ОЗЕРО ОГНЕННОЕ ГОРЯЩЕЕ (ОТКР. 19:20) 34 страница



– Нет, – ответил он и поцеловал ее в губы. Коротко, но тепло, влажно и просто потрясающе.

– Зачем ты это сделал?

– Потому что, судя по твоему виду, тебе это нужно, и я знаю, что нужно мне. Что произошло потом, Джулия?

– Я надела свитер и пошла домой… что еще? И мои родители уже ждали меня. – Она гордо вскинула подбородок. – Я не рассказала им, что произошло, а они ничего выяснить не смогли. Примерно неделю, возвращаясь из школы, я видела свои штаны, лежащие на конической крыше эстрады. Всякий раз испытывала стыд и боль – словно острый нож втыкался в мое сердце. Потом они исчезли. Боль не ушла, но после этого мне полегчало. Из острой боль превратилась в тупую. Я не выдала девочек, хотя отец бушевал и строго наказал меня – до июня я могла ходить только в школу и обратно. Я даже не поехала на экскурсию в портлендский Музей искусств, о которой я мечтала весь год. Отец сказал мне, что я поеду на экскурсию и он снимет все ограничения лишь после того, как я назову имена детей, которые «плохо обращались» со мной. Так он это назвал. Я их не выдала, и не потому, что умение держать язык за зубами – детская версия апостольского символа веры.

– Ты это сделала, потому что глубоко внутри чувствовала, что заслужила случившееся с тобой.

Заслужила – неправильное слово. Я думала, что расплатилась за мое прежнее поведение. А это не одно и то же. Моя жизнь после того случая изменилась. Я продолжала получать хорошие оценки, но перестала так часто поднимать руку. То есть учиться не бросила, но в классе уже не тянула одеяло на себя. Я могла бы произнести выпускную речь в старшей школе, но во втором семестре последнего учебного года чуть притормозила. Ровно настолько, чтобы пропустить вперед Карлин Пламмер. Я не хотела ни произносить речь, ни привлекать к себе повышенное внимание. У меня даже появились подруги, с лучшими я познакомилась на пятачке для курения за зданием старшей школы. А самой большой переменой стало мое решение пойти в Университет Мэна, а не в Принстон. И меня туда действительно приняли. Мой отец рвал и метал, говорил, что его дочь никогда не пойдет в деревенский колледж, но я твердо стояла на своем. – Джулия улыбнулась. – Достаточно твердо. Но компромисс – тайный компонент любви, а я любила моего папочку. Поэтому летом после выпускного вечера в последний момент подала документы в Бейтс – это называется «заявление, вызванное особыми обстоятельствами», – и меня приняли. Отец заставил меня заплатить последний взнос с моего собственного банковского счета, что я сделала с радостью, поскольку в семье наконец‑то воцарился мир после шестнадцатимесячной пограничной войны между страной Контролирующие родители и меньшим по размерам, но гордым и хорошо укрепленным княжеством Определившаяся дочь . Я выбрала факультет журналистики, и это окончательно закрыло брешь, которая существовала между родителями и мной с того дня на эстраде . Они так и не узнали, отчего она возникла. Я в Милле не из‑за того дня – мое будущее в «Демократе» предопределилось со дня моего рождения, – но я такая, как есть, по большей части благодаря тому дню. – Она вновь посмотрела на него, ее глаза блестели от слез и воинственности. – Я тем не менее не муравей. Я не муравей.

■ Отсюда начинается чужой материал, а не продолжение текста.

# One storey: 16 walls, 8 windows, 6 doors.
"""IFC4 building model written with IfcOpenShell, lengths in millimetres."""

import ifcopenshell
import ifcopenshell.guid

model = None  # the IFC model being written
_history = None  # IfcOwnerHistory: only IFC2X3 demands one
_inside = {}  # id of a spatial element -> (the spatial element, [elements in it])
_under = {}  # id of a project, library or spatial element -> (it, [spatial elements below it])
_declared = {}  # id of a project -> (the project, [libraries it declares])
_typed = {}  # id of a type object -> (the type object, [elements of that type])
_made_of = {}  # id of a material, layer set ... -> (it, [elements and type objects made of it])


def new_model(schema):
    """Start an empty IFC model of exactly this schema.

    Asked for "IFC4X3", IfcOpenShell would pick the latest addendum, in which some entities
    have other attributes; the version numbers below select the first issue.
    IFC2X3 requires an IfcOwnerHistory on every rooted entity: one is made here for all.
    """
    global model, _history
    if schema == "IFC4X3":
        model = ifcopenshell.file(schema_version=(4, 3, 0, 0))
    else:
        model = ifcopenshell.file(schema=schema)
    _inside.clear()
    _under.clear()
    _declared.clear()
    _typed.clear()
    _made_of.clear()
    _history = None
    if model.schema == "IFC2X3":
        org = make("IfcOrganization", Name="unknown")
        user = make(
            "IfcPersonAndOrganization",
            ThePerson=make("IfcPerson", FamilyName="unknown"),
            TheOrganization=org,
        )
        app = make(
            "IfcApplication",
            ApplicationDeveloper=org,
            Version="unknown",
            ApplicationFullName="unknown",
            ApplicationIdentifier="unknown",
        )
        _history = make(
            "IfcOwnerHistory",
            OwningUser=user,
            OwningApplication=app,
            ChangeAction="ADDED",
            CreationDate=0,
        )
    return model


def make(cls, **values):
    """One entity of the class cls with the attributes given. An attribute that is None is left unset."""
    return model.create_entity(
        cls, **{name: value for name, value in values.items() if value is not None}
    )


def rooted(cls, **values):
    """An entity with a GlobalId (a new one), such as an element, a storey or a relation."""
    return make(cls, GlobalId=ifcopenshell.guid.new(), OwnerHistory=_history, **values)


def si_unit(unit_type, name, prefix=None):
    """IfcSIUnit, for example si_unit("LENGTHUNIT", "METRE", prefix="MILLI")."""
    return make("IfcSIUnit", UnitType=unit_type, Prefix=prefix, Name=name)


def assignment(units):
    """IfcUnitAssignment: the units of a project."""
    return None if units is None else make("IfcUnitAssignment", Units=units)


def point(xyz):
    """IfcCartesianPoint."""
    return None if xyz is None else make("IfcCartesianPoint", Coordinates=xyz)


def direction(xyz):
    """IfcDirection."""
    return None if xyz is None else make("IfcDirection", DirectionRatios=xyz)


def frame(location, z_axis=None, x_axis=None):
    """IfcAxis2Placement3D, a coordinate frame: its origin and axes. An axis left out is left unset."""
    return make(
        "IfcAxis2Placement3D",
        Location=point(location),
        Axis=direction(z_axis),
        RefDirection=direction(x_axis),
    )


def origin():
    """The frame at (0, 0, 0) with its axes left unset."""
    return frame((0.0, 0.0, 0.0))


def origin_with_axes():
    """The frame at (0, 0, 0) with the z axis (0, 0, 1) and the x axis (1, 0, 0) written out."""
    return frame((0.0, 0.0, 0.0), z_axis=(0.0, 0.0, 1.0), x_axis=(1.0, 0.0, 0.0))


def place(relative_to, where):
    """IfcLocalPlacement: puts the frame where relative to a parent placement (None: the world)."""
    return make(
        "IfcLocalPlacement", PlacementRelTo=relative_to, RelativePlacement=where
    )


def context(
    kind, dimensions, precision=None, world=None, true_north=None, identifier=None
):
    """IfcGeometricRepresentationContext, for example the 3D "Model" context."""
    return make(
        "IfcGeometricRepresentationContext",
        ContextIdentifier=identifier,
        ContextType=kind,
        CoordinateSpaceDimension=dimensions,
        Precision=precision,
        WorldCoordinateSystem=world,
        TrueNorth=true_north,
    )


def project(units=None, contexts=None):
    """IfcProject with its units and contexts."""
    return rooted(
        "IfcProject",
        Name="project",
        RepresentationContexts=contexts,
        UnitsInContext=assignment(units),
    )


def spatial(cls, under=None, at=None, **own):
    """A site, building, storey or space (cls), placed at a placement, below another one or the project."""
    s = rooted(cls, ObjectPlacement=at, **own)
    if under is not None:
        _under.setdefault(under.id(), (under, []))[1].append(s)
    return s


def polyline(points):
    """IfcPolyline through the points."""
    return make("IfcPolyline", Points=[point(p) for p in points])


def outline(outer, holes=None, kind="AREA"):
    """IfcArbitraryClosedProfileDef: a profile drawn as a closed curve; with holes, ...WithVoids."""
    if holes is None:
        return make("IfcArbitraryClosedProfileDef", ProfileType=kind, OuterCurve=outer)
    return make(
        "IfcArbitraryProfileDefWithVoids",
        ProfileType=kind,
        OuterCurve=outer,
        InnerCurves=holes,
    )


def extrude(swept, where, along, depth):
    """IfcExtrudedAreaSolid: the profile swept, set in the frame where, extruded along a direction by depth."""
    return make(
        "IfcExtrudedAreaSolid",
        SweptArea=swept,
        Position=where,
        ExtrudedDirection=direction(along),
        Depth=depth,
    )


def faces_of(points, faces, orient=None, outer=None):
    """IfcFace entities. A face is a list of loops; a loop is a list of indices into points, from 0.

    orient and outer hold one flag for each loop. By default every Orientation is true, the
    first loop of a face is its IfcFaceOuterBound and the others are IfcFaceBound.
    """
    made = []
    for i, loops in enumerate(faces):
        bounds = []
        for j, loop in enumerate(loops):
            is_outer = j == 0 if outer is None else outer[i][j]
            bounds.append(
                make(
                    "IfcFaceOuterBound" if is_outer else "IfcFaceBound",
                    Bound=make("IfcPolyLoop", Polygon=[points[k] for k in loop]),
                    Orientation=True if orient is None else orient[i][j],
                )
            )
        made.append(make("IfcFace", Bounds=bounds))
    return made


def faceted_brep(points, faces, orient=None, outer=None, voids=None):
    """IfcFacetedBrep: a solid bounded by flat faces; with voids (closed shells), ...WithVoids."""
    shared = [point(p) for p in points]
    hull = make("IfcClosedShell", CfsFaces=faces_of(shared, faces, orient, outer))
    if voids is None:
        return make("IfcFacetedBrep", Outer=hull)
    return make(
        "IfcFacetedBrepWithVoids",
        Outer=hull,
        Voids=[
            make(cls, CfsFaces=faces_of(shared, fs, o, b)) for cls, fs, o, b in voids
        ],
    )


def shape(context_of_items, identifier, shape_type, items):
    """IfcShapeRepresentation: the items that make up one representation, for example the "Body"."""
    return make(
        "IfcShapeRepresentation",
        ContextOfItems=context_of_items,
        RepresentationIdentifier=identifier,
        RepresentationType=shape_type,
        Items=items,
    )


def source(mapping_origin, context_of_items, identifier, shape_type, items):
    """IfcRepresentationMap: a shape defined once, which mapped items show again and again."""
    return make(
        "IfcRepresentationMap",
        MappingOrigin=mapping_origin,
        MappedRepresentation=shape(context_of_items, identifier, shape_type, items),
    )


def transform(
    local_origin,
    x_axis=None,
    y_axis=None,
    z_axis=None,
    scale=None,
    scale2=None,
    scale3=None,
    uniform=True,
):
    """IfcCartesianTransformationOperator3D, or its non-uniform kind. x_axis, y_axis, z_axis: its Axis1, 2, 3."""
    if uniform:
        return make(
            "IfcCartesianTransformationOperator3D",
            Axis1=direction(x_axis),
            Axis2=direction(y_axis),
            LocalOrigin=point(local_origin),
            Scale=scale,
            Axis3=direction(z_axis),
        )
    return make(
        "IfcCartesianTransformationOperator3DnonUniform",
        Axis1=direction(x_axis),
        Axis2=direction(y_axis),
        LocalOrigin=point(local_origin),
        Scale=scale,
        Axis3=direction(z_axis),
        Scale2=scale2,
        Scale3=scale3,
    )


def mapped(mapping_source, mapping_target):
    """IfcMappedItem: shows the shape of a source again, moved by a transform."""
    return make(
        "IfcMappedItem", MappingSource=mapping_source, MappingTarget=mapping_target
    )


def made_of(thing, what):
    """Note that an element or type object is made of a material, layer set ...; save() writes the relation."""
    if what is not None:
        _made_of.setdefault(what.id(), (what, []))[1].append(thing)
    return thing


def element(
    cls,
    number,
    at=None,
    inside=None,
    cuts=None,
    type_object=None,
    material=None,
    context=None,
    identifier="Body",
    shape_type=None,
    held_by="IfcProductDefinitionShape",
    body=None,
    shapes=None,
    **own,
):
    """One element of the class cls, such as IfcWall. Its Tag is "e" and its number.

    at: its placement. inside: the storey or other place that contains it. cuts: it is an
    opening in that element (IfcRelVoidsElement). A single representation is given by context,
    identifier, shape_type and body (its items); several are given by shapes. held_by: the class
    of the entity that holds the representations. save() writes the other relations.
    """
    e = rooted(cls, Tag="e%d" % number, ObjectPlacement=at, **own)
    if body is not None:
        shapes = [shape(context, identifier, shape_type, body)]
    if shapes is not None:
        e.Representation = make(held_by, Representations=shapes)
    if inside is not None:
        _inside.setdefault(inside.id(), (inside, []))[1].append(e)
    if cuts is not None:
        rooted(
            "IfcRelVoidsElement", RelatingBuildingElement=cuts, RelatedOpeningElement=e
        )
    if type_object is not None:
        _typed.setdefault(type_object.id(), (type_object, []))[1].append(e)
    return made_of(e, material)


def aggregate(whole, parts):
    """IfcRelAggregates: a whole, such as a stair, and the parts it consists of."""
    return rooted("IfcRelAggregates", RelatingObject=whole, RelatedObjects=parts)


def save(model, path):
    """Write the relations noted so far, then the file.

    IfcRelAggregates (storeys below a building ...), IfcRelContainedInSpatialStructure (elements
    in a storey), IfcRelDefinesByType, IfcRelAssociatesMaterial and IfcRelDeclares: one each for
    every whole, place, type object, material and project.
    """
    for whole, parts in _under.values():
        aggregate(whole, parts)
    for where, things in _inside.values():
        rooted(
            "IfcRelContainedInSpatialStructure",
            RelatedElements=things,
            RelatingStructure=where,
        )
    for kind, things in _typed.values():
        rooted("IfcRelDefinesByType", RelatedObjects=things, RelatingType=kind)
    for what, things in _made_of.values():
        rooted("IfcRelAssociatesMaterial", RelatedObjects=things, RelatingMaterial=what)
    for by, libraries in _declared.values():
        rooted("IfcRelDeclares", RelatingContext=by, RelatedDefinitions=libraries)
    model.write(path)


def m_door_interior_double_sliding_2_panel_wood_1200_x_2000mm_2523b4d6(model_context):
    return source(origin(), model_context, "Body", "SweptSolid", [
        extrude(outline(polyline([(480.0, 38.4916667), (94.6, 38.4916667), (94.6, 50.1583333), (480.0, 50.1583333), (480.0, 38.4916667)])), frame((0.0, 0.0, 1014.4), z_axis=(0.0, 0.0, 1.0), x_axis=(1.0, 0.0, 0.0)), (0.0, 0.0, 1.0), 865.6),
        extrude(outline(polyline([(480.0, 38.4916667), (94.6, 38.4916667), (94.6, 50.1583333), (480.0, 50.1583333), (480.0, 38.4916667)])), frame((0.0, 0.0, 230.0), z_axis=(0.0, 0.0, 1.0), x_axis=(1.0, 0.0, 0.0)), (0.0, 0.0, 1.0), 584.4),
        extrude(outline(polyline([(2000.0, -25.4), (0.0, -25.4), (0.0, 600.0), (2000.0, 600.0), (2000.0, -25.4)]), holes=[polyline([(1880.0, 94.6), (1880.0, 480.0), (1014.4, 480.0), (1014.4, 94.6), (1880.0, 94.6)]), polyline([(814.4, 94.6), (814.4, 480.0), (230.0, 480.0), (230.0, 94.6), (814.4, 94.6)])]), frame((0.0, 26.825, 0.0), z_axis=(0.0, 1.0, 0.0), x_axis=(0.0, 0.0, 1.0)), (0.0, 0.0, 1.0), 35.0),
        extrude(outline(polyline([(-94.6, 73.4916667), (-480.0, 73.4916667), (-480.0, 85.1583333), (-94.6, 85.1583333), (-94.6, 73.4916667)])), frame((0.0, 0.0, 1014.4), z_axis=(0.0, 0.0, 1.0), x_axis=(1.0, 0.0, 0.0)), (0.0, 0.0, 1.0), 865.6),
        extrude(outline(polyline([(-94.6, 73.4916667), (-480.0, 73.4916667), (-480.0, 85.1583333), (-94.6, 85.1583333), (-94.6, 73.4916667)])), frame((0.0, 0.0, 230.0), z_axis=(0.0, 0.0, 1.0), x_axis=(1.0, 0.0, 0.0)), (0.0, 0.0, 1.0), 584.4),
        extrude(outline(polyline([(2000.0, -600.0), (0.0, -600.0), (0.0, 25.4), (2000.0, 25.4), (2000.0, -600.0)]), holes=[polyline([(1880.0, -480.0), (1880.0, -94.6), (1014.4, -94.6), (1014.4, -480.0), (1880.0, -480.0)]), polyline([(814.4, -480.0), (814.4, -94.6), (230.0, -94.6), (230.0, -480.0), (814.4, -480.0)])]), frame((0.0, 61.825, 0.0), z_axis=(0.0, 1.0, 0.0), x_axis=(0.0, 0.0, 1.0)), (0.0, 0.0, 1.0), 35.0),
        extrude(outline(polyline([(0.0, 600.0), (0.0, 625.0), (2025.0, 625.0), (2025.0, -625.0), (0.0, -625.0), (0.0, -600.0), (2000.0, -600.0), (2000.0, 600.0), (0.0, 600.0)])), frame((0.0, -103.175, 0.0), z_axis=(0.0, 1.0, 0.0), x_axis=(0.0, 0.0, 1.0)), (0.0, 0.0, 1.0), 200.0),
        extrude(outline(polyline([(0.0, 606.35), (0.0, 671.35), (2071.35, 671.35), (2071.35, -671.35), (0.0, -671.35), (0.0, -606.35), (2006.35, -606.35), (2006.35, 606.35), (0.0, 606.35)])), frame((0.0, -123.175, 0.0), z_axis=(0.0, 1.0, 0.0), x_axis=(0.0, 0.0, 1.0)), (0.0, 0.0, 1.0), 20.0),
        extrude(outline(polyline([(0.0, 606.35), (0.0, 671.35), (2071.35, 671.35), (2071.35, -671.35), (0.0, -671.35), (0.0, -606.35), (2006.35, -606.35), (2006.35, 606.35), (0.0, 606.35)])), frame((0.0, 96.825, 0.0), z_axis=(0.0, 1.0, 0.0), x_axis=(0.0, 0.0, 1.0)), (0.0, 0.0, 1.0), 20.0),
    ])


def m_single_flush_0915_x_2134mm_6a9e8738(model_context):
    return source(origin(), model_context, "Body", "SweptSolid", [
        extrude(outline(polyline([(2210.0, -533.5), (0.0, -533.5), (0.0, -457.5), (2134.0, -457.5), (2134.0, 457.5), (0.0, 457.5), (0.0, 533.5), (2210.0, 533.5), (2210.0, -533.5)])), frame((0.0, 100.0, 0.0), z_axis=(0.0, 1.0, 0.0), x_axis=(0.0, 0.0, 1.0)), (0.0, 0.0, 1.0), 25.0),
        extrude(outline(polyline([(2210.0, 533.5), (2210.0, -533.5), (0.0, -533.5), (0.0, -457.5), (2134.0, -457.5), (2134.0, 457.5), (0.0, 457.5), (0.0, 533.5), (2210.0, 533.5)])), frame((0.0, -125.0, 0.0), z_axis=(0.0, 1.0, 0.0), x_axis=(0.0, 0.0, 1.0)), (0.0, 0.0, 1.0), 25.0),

Он снова поцеловал ее. Она крепко его обняла и, как могла, ответила на поцелуй. А когда его рука вытащила блузку из слаксов и скользнула по животу, чтобы обхватить грудь, сунула ему в рот язык. Когда они разорвали поцелуй, дышала Джулия часто‑часто.

– Хочешь? – спросил Барби.

– Да. А ты?

Он взял ее руку и приложил к джинсам, чтобы она оценила размер его желания.

Минутой позже Барби завис над ней, опираясь на локти. Джулия взяла его и направила.

– Только осторожнее, полковник Барбара. Я уже и подзабыла, как это обычно делается.

– Тут та же ситуация, что с ездой на велосипеде.

Как выяснилось, Барби не ошибся.

 

15

 

Когда все закончилось, ее голова лежала на его руке, и она смотрела на розовые звезды.

– О чем думаешь? – спросила Джулия.

Он вздохнул.

– О снах. Видениях. Как ни назови. У тебя есть мобильник?

– Всегда. И он отлично держит заряд, хотя я и не знаю, надолго ли его хватит. Кому собираешься позвонить? Предполагаю, Коксу.

– Предполагаешь правильно. Его номер есть в телефонной книге?

– Да. – Джулия потянулась к лежащим на траве штанам, сняла с ремня мобильник. Нашла в телефонной книге строку «КОКС», нажала кнопку вызова, протянула мобильник Барби, который заговорил сразу. Вероятно, Кокс принял вызов на первом гудке.

– Привет, полковник. Это Барби. Я на свободе. Готов рискнуть и сообщить вам о нашем местонахождении. Это Блэк‑Ридж. Старый яблоневый сад Маккоя. Он, естественно, у вас отмечен. И вы, конечно, имеете фотоснимки города со спутника?

Он выслушал Кокса, потом спросил его: видна ли на снимках световая подкова, окружающая Блэк‑Ридж и заканчивающаяся на границе с Ти‑Эр‑90? Кокс ответил отрицательно, а потом попросил Барби поделиться информацией.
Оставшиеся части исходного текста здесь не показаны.